Der Wahlkampf in den USA ist diesmal anders. Während noch 2016 Hillary Clinton versuchte, bei jeder Gelegenheit ihre Politik zu erläutern und nach jedem Mikrofon griff, dass man ihr vorhielt, wird der aktuelle Kandidat der Demokraten, Joe Biden, im Hintergrund gehalten. Er zeigt sich kaum, redet kaum, tritt wenig in Erscheinung.
Diesmal scheint also die Strategie der Demokraten einzig darauf hinauszulaufen, Donald Trump zu verteufeln und die öffentliche Stimmung gegen ihn aufzuhetzen. Auch die Mainstream-Medien sind viel mehr damit beschäftigt, Panik und Hetze gegen Trump zu verbreiten, als dass sie versuchen, Joe Biden anzupreisen. Das geben sie sogar offen zu. So schrieb Thomas L. Friedman in der »New York Times«, dass man Joe Biden nicht mit Donald Trump debattieren lassen sollte.
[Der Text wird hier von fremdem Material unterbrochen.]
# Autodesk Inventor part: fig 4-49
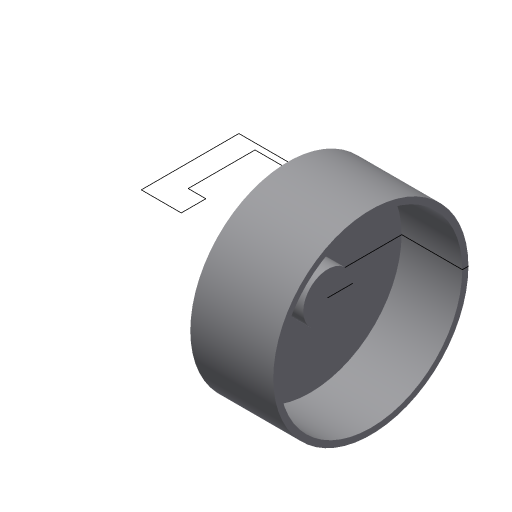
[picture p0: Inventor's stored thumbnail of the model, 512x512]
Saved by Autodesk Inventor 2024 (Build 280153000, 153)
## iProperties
Created: 2004-05
Part Number: fig 4-49
Document SubType Name: Modeling
Designer: CADCIM Technologies
Manufacturer: Standard
Standards Organization: Custom
Density: 1 g/cm^3
Material: Generic
Appearance: Default
Author: CADCIM Technologies
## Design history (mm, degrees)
sketch "Sketch1"
  geometry: L1 (37.08, 12.209)-(23.643, 12.209); L2 (23.643, 12.209)-(23.643, 45.026); L3 (23.643, 45.026)-(51.55, 45.026); L4 (51.55, 45.026)-(51.55, 42.959); L5 (51.55, 42.959)-(31.137, 42.959); L6 (31.137, 42.959)-(31.137, 20.478); L7 (31.137, 20.478)-(37.08, 20.478); L8 (37.08, 20.478)-(37.08, 12.209); L9 (86.437, 12.209)-(73, 12.209); L10 (73, 12.209)-(73, 45.026); L11 (73, 45.026)-(100.907, 45.026); L12 (100.907, 45.026)-(100.907, 42.959); L13 (100.907, 42.959)-(80.494, 42.959); L14 (80.494, 42.959)-(80.494, 20.478); L15 (80.494, 20.478)-(86.437, 20.478); L16 (86.437, 20.478)-(86.437, 12.209)
  constraints: 32 end point, 12 parallel, 2 horizontal, 2 perpendicular
revolve "Revolution1" sketch "Sketch1" stored, may be unused: angle "d0" = 90 deg
body "Solid1"

John Lockhardt sagte auf »CNN« direkt an Biden gerichtet: Was immer er mache, er solle nicht Trump offen debattieren.
Der scharfzüngige TV-Kommentator Tucker Carlson von »FOX News« nimmt diese Heuchelei der Demokraten und US-Mainstream-Medien aufs Korn. Er spricht von Joe Biden scherzhaft als »großen Unsichtbaren«, der eine »Keller-Kampangen« führe.